The outcomes of the present investigation should be appreciated in light of its shortcomings. First, our data were generated exclusively from self-report (single source), an approach that gives room for common method variance (CMV; Podsakoff et al., 2003). Social desirability may have played a role. Yet, we adhered to our promise of anonymity of responses, which may have minimized potential problems with this type of bias. Second, the cross-sectional nature of our data does not permit the establishment of causality among the study variables. For instance, the relationships found in our study could as well be bi-directional.

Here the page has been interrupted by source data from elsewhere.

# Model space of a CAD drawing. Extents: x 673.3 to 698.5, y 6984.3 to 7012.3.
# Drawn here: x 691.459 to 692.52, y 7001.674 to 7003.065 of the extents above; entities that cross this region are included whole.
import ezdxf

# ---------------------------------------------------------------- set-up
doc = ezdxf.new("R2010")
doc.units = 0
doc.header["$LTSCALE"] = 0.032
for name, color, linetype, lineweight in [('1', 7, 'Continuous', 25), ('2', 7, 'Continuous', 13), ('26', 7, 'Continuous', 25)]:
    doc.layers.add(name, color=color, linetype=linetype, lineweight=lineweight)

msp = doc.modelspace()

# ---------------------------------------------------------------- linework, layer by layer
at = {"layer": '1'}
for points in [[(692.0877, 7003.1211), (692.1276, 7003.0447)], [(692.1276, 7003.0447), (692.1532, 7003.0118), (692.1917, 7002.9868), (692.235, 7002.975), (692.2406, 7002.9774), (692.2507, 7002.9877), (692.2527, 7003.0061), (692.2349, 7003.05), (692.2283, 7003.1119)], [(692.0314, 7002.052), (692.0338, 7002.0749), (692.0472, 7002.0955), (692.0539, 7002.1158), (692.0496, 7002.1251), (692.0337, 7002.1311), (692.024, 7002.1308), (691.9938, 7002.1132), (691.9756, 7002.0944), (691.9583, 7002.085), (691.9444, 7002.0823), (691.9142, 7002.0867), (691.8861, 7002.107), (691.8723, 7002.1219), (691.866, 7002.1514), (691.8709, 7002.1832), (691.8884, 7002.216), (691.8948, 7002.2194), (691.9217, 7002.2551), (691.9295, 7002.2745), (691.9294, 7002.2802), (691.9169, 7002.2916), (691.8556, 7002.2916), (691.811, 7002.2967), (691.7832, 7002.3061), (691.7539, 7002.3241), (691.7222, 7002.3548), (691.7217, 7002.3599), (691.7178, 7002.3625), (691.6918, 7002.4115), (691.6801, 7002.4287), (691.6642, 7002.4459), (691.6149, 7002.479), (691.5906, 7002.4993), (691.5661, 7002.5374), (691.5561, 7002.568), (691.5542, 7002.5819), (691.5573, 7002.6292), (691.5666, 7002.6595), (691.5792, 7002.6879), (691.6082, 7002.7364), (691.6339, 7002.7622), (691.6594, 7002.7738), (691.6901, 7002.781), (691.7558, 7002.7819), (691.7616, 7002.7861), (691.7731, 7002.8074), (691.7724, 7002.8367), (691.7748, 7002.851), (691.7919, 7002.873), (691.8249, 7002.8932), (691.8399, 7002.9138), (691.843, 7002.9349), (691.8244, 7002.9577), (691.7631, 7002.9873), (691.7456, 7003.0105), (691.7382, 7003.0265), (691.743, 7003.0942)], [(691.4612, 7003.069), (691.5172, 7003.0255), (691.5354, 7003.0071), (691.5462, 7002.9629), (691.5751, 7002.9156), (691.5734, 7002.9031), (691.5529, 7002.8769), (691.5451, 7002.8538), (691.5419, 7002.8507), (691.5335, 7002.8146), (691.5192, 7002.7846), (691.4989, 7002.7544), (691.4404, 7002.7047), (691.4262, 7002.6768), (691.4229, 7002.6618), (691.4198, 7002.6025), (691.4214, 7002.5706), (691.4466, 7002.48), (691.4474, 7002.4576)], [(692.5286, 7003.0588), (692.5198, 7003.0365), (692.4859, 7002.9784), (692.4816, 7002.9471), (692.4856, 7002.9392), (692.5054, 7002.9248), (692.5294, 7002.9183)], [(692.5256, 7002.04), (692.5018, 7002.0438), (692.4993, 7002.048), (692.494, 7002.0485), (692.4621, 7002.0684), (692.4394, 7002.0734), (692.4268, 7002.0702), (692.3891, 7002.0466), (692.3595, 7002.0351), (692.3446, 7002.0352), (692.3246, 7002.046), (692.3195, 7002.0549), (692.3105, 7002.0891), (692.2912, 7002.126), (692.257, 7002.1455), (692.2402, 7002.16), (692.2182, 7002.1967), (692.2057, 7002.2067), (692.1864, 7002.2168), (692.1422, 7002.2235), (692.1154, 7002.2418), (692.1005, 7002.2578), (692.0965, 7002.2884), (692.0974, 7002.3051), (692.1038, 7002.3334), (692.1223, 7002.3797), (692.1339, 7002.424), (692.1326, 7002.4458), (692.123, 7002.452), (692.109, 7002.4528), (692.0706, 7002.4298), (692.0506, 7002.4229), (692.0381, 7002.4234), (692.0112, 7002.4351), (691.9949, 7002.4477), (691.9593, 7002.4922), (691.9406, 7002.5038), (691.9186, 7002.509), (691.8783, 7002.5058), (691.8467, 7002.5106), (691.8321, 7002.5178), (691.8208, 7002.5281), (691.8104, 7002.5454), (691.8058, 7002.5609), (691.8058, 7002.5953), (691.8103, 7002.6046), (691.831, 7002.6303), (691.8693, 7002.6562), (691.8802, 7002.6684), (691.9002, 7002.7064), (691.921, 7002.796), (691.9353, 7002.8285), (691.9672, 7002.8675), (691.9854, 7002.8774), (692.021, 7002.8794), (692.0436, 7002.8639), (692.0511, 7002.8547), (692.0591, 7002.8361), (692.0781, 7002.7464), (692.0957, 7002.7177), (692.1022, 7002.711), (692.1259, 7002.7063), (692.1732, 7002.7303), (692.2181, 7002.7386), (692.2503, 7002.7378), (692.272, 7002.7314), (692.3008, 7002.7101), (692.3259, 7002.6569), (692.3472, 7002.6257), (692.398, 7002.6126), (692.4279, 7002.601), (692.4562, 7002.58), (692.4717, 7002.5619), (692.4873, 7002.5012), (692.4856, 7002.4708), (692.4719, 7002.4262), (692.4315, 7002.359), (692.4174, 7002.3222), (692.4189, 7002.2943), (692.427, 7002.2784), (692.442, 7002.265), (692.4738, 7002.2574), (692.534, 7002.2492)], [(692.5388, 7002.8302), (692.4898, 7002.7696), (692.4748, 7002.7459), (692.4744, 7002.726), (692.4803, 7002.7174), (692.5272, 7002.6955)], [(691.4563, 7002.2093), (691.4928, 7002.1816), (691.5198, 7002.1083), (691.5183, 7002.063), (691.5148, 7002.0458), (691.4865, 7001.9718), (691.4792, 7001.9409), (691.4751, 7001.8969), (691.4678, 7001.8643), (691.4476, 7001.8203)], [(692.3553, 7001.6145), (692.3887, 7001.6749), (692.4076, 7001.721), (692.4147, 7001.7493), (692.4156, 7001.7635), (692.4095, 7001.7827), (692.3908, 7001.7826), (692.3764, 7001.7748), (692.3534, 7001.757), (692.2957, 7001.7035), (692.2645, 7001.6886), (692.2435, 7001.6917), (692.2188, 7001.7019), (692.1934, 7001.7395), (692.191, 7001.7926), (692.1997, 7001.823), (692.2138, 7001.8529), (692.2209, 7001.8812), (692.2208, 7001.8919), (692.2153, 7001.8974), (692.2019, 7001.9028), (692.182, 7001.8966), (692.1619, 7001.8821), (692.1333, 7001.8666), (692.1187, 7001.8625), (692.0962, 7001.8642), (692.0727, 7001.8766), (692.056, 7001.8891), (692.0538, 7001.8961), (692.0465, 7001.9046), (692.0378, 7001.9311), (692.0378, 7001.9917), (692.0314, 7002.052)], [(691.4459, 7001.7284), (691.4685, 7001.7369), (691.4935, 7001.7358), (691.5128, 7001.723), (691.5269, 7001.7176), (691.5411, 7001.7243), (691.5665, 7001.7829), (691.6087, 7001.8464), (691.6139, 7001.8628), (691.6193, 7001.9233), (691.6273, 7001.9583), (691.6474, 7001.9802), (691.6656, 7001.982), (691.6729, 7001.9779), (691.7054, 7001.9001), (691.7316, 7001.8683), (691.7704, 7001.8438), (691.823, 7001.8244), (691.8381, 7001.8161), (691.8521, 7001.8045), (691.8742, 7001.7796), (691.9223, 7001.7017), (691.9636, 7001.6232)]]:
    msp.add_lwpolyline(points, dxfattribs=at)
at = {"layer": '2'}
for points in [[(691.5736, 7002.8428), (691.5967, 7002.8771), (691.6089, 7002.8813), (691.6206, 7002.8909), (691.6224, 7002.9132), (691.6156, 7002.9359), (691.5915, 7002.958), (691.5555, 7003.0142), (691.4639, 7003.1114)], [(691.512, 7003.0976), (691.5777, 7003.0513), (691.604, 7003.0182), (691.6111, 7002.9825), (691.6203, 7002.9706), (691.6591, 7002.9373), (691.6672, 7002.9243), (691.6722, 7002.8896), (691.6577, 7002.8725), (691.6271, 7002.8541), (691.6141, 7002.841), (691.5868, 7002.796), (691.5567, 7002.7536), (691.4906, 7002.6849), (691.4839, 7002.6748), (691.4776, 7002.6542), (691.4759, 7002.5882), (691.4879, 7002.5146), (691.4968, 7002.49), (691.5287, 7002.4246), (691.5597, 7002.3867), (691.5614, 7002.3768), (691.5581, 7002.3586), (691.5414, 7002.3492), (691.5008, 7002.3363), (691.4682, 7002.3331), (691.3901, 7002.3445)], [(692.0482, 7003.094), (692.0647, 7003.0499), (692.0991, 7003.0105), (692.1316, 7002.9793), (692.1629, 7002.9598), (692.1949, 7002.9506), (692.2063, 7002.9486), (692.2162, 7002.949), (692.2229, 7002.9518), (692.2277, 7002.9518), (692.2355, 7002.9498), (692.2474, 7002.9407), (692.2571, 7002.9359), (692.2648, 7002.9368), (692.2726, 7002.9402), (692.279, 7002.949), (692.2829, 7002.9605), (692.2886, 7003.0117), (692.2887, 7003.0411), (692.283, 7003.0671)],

Although the present study offers some interesting insights, future research should consider longitudinal designs to address the issue of causality. Third, our sample was rather of the same kind — academics whose jobs are primarily focused on teaching and research as drawn from universities within the Southeastern region of Nigeria. This could hinder the generalizability of our findings because academics from other regions of Nigeria or more generally other populations may operate in different social contexts that could have a different impact on their WLB. We advocate that future research should examine academics from diverse universities across Nigeria to enhance the degree to which inference can be drawn from their result. The current study can also be expanded in the future by investigating how the age of children, spousal engagement, and the individual view of “my marriage as a partnership” influences the relationships described herein. In addition, interaction effects between home demands and work engagement, between individual and job features on WLB, as well as the moderation of the indirect effect of work engagement on WLB by home crafting, should be studied in the future.

Conclusions

Despite the shortcomings of the study, it represents one of the earliest attempts at creating deeper knowledge on the link between the “dark side” of work engagement and WLB in a different context, Nigeria, and how home demands represent a mechanism through which this relationship occurred. Consequently, our study adds significantly to the scarcity of literature in the study of work engagement, home demands, and WLB in a neglected context — Nigeria. As WLB is an important issue among employees, and as sustaining WLB seems to be a global challenge that cut across various occupational groups, it becomes pertinent for researchers to consistently examine factors that promote or impede WLB, especially in developing countries where similar studies are lacking. Moreover, our study offers new approach in the indirect relationship between work engagement and WLB through the “new construct” – home demands, especially during COVID-19. Therefore, our research provides opportunities for future studies in this growing field of WLB research, thereby advancing these research avenues. Doing so is relevant as employees continue to regularly work from home in times of crisis, and as other opposing home demands can interject and pose risks to employees’ realization of WLB.